About this exercise> Only one stretch of the data below is wanted: the lines from the one with "Author: user" through the one with "- C:\Users\user\Desktop\490704V1083\멈춤나사 M3.ipt", repeated exactly.

The input>
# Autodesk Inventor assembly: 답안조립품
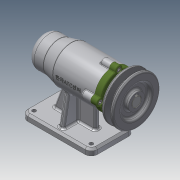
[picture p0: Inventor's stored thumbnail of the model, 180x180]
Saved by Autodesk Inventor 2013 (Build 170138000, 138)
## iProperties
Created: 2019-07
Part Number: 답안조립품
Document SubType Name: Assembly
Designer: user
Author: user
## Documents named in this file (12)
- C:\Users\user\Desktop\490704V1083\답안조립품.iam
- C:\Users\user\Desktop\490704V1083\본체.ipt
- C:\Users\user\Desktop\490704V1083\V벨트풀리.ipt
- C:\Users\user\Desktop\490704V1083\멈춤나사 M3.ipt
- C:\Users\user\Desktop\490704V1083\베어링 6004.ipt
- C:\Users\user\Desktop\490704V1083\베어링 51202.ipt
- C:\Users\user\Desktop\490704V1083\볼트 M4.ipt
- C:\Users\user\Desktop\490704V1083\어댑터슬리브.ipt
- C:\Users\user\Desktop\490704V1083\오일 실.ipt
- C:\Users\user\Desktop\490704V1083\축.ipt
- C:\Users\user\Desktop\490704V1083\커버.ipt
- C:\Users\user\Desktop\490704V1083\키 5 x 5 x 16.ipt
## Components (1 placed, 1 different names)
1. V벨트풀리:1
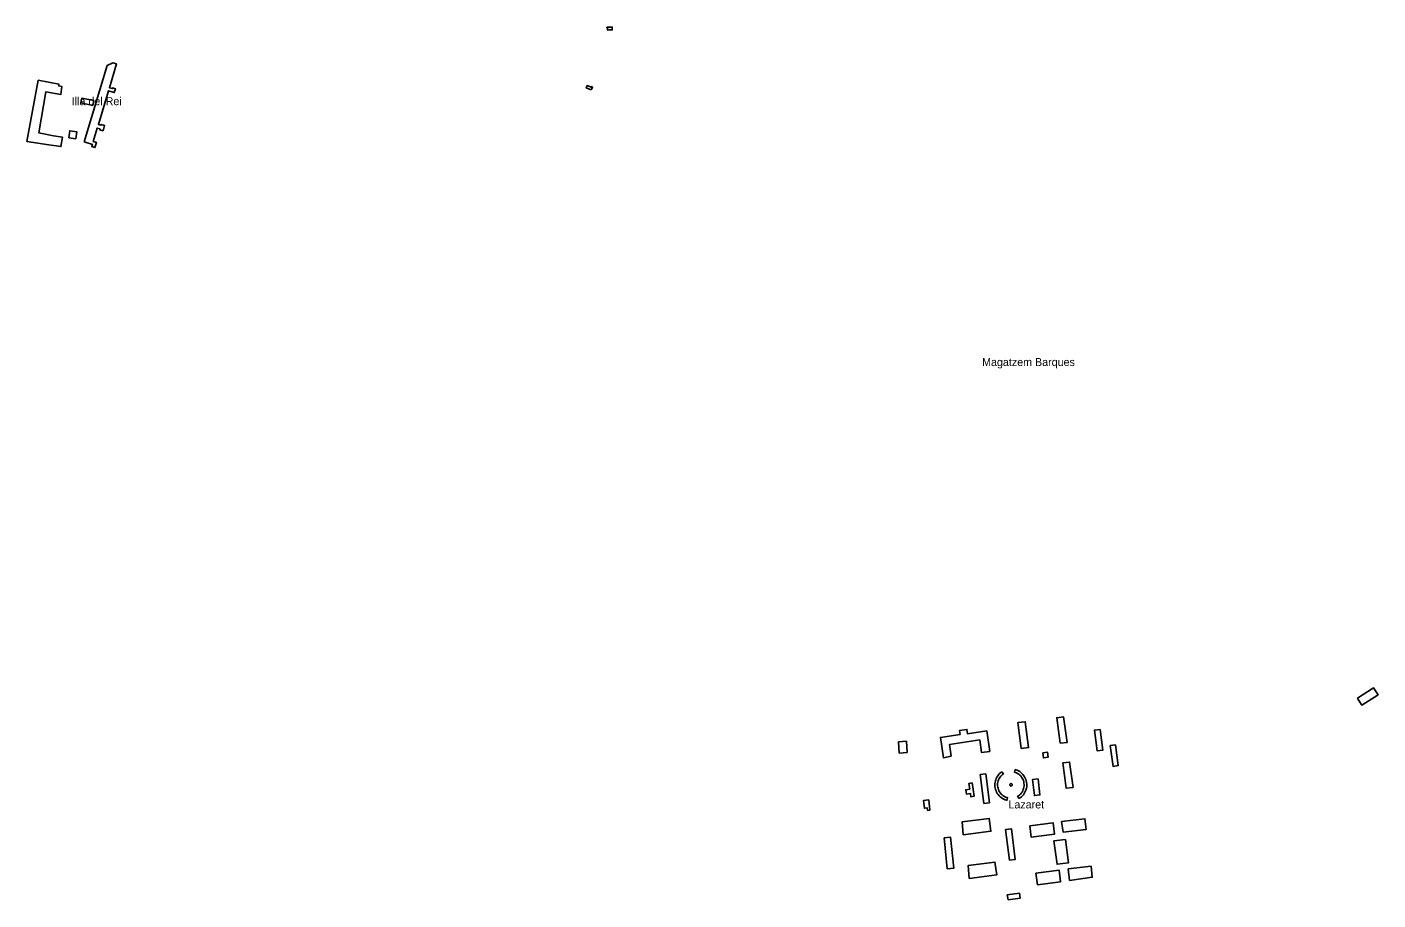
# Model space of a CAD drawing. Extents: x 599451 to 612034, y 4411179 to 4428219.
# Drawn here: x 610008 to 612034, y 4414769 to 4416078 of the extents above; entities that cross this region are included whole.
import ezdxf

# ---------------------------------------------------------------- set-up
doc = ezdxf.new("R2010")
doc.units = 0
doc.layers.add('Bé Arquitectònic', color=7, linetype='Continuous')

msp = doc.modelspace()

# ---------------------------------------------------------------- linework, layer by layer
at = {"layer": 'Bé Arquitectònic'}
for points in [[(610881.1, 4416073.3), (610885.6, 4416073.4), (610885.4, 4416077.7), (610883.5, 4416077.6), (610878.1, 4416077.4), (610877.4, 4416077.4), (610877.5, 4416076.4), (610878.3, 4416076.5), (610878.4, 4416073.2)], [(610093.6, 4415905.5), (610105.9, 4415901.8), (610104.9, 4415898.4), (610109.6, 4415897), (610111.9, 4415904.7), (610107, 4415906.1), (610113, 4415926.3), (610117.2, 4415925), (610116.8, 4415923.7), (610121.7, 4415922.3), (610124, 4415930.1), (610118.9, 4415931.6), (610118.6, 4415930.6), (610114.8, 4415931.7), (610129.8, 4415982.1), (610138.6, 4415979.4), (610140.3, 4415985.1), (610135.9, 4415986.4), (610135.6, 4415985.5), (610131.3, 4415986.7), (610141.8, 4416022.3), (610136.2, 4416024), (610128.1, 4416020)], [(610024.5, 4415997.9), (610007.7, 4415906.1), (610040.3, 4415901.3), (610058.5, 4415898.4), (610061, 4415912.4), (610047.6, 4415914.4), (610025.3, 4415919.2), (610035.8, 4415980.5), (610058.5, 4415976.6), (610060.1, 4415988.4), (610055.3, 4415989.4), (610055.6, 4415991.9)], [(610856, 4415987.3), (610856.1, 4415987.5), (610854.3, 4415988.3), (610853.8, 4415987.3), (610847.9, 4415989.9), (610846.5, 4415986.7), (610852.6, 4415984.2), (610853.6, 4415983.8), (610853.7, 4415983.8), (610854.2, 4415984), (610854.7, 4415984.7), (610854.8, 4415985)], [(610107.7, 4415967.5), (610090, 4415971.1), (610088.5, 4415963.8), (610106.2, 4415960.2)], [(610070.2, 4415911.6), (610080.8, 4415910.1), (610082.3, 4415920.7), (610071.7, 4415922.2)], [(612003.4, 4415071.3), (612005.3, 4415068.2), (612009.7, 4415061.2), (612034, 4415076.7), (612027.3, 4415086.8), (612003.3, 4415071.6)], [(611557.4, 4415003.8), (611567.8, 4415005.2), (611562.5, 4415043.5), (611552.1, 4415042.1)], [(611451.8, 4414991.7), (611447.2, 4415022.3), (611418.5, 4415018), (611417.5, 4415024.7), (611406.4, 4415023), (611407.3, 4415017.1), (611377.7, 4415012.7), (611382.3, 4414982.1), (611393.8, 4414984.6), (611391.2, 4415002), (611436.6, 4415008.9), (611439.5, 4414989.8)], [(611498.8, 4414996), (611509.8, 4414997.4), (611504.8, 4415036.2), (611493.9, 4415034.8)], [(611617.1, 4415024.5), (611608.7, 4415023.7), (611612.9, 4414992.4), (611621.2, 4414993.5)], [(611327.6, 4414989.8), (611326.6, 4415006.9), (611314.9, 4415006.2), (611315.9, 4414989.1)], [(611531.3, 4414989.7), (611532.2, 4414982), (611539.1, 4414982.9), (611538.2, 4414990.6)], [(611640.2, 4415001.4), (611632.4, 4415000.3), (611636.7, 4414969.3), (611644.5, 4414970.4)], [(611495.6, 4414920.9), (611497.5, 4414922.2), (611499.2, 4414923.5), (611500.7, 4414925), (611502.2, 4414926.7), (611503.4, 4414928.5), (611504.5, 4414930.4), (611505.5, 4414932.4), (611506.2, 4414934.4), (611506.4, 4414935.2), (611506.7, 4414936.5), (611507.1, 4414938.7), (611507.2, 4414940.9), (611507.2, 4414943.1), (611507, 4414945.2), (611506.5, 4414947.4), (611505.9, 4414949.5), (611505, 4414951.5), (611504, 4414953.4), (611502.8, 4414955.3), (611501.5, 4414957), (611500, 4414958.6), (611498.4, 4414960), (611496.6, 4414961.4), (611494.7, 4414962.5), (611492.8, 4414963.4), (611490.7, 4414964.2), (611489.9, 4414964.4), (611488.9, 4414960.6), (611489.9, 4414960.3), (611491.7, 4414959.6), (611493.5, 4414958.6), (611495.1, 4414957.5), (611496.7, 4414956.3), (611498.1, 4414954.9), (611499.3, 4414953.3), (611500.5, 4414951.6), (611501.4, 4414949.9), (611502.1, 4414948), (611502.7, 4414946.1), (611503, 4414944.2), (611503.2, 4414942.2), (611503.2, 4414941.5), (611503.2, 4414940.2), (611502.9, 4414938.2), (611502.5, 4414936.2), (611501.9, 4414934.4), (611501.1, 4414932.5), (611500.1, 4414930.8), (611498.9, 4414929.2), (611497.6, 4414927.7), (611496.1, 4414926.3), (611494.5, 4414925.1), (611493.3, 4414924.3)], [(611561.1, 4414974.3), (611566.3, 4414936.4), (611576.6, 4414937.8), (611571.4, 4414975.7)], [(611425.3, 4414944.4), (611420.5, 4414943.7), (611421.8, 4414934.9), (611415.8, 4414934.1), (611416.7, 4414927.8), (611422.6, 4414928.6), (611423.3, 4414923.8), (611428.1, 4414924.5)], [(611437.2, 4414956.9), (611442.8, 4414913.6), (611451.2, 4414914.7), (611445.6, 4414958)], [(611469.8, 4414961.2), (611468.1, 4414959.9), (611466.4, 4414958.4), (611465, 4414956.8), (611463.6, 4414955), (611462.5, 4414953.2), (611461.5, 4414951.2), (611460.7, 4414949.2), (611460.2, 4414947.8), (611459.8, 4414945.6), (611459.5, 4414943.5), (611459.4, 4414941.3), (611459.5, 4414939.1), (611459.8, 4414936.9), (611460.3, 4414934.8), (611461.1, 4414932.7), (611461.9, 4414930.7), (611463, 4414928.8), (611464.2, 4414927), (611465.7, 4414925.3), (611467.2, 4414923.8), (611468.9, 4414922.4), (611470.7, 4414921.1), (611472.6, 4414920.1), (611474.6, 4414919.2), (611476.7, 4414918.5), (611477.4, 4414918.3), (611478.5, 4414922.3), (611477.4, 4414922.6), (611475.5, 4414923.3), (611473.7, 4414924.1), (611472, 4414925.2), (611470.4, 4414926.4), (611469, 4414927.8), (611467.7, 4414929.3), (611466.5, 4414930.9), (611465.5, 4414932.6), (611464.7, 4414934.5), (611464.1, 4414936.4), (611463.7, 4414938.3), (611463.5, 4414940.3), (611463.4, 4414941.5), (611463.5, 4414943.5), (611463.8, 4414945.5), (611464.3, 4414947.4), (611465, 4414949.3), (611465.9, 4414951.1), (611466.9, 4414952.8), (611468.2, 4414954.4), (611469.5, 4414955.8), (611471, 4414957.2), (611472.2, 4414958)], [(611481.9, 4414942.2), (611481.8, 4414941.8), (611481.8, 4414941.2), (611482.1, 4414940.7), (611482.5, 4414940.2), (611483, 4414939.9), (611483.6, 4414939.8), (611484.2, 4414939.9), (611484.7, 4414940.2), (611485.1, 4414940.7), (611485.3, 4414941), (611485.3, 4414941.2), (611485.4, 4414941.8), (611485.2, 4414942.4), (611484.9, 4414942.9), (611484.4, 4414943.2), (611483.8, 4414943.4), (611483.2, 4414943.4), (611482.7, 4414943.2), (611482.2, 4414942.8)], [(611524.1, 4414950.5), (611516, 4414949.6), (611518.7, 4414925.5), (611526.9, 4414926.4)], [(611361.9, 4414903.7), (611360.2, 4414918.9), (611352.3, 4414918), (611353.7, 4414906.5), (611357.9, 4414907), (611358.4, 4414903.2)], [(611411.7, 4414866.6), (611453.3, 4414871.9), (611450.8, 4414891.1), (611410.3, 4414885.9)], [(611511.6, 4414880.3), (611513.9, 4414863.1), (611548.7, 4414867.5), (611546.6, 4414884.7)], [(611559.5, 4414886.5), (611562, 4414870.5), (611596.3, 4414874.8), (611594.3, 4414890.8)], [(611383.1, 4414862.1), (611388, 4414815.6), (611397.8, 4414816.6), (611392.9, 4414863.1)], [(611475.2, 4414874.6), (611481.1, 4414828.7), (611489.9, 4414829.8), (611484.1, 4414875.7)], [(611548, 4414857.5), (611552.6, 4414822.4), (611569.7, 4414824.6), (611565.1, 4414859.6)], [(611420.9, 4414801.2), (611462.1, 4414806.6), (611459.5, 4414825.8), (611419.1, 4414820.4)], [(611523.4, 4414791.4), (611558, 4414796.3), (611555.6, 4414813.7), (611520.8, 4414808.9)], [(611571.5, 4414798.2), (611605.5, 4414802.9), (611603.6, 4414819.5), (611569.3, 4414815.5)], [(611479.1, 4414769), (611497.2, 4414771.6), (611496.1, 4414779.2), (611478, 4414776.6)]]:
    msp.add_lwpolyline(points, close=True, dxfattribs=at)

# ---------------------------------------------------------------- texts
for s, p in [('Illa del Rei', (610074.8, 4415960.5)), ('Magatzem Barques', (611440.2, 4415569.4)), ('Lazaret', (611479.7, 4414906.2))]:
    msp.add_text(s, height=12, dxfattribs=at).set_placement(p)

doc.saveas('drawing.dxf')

Written answer>
Author: user
## Documents named in this file (12)
- C:\Users\user\Desktop\490704V1083\답안조립품.iam
- C:\Users\user\Desktop\490704V1083\본체.ipt
- C:\Users\user\Desktop\490704V1083\V벨트풀리.ipt
- C:\Users\user\Desktop\490704V1083\멈춤나사 M3.ipt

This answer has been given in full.